Extracted data entries:

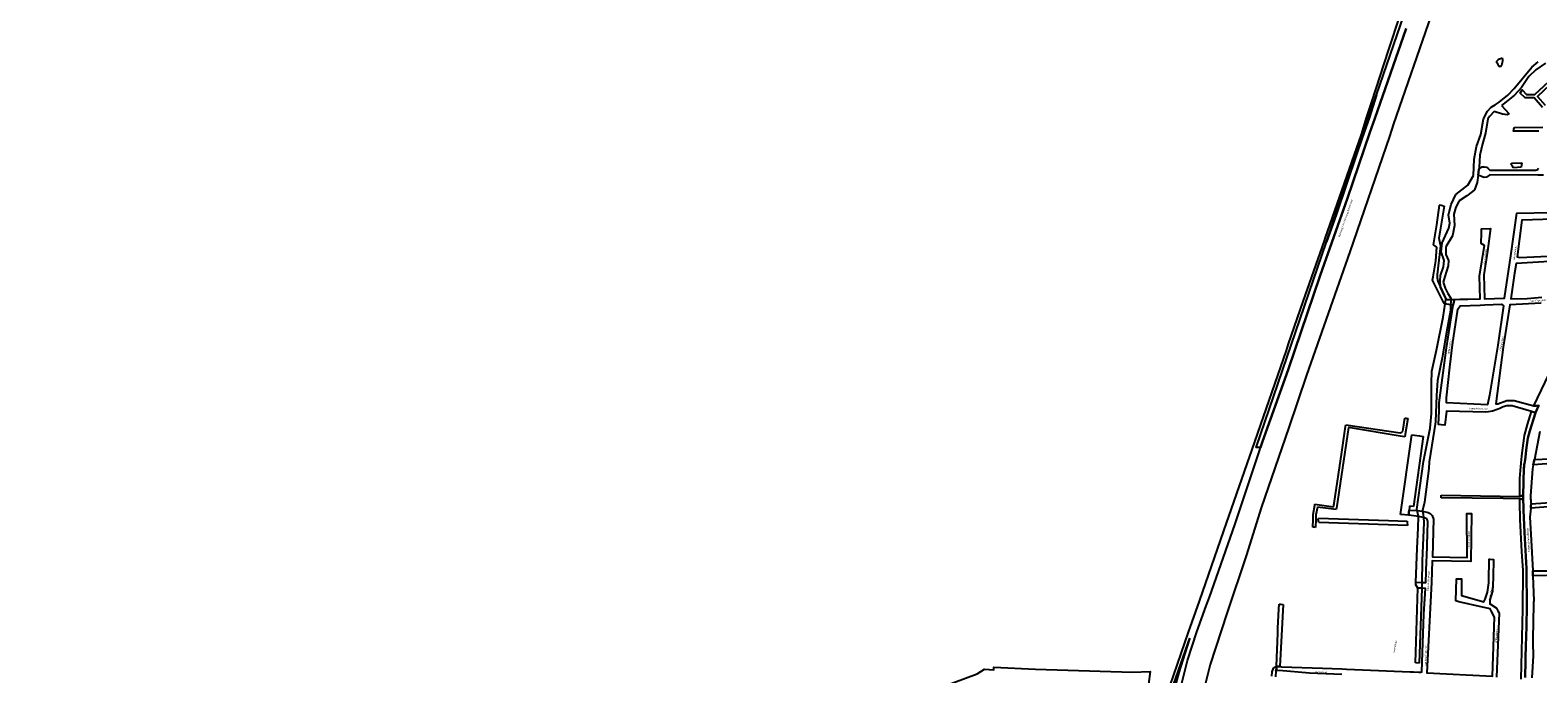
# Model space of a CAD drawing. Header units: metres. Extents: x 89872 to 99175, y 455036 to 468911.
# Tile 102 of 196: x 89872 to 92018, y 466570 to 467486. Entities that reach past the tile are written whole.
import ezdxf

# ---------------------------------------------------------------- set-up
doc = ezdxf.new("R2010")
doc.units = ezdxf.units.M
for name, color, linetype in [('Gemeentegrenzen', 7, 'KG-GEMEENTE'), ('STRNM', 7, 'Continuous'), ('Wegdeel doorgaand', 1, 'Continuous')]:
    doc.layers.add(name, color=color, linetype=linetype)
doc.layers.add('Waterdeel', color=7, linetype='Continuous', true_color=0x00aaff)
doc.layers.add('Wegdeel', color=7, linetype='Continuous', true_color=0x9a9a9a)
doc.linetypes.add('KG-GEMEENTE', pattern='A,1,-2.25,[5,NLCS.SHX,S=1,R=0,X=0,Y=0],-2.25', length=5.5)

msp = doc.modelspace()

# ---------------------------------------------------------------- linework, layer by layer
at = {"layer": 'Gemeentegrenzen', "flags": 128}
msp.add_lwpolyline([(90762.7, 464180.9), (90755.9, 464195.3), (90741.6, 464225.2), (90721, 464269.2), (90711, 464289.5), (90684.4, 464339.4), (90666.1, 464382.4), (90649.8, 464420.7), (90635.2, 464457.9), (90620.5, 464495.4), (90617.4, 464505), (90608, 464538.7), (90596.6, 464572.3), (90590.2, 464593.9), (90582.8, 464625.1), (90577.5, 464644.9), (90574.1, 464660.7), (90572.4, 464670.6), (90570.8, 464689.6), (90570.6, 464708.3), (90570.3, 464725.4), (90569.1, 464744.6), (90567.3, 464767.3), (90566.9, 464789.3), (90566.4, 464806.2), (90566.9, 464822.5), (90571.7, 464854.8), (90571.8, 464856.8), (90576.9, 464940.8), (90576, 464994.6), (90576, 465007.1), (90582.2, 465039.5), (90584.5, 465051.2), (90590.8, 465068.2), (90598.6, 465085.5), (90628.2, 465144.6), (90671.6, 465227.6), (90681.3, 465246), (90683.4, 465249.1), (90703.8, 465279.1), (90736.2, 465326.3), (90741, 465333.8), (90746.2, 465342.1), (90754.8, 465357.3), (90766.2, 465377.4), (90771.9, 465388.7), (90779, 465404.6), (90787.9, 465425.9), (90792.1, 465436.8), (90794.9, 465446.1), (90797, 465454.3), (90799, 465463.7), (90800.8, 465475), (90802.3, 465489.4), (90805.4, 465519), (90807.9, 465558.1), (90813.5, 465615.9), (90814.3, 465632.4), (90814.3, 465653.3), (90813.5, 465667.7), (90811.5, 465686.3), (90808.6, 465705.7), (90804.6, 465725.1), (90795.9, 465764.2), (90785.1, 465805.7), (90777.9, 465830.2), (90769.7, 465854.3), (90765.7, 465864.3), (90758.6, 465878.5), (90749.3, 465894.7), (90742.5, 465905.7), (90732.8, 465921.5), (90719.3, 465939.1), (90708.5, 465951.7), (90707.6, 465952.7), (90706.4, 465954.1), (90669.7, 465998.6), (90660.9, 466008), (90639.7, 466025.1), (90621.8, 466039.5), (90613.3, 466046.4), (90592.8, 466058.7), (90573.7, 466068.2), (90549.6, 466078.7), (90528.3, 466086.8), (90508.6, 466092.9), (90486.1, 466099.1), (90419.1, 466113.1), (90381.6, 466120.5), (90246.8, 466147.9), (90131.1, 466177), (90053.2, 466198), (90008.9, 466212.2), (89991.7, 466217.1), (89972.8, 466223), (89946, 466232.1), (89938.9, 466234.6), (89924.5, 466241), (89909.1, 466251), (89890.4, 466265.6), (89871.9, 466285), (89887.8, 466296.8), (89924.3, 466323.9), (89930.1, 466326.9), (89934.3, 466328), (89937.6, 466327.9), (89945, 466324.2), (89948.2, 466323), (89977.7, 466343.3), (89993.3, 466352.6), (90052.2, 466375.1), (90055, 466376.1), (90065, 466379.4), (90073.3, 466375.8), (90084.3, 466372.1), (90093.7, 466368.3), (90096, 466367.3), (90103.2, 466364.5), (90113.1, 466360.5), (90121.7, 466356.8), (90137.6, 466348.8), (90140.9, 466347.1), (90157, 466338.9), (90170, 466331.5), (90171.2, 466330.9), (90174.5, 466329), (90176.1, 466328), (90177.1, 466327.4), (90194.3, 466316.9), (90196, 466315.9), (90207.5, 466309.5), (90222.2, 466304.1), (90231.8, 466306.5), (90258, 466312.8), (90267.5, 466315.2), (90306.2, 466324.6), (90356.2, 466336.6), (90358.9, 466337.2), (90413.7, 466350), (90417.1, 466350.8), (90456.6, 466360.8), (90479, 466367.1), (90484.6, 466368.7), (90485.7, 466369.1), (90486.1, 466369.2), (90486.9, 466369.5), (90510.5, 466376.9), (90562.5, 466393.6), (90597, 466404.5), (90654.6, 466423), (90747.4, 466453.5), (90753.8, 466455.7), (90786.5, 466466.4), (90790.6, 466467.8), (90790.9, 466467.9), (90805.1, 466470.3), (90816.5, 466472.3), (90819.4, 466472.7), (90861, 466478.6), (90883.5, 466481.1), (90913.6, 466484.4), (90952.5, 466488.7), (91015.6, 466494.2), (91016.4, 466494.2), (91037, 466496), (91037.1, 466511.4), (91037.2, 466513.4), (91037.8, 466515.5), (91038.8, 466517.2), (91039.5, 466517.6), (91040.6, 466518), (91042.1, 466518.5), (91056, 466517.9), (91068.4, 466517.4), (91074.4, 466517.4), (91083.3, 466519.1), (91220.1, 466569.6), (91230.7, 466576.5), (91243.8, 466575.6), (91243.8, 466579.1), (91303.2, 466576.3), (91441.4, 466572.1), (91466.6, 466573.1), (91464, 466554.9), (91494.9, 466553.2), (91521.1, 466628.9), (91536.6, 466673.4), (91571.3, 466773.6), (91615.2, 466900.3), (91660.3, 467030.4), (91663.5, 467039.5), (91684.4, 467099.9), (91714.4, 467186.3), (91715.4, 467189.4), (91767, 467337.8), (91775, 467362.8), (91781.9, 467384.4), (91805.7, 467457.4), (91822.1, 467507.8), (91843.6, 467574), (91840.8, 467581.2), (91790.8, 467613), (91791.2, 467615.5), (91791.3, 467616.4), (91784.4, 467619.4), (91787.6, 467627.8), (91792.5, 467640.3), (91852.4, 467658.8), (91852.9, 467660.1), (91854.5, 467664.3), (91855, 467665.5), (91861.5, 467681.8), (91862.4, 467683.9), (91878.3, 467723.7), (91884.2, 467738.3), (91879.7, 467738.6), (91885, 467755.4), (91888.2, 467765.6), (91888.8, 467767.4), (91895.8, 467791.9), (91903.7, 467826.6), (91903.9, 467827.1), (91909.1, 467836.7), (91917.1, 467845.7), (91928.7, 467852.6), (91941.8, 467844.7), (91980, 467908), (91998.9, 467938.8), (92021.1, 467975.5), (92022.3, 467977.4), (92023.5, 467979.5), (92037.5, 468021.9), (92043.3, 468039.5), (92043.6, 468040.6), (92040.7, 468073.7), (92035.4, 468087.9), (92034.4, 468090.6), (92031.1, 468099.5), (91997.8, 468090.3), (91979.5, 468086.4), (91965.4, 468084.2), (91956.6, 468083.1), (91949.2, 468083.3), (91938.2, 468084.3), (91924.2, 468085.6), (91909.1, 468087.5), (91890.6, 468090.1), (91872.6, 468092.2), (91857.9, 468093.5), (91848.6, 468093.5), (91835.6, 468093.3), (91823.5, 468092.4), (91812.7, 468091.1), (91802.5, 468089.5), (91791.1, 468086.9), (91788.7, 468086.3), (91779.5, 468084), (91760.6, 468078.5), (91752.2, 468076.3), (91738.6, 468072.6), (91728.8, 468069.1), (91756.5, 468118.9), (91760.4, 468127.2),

• Exercise:
Report every line above that has the string "Wegdeel" in it.

• Completed task:
for name, color, linetype in [('Gemeentegrenzen', 7, 'KG-GEMEENTE'), ('STRNM', 7, 'Continuous'), ('Wegdeel doorgaand', 1, 'Continuous')]:
doc.layers.add('Wegdeel', color=7, linetype='Continuous', true_color=0x9a9a9a)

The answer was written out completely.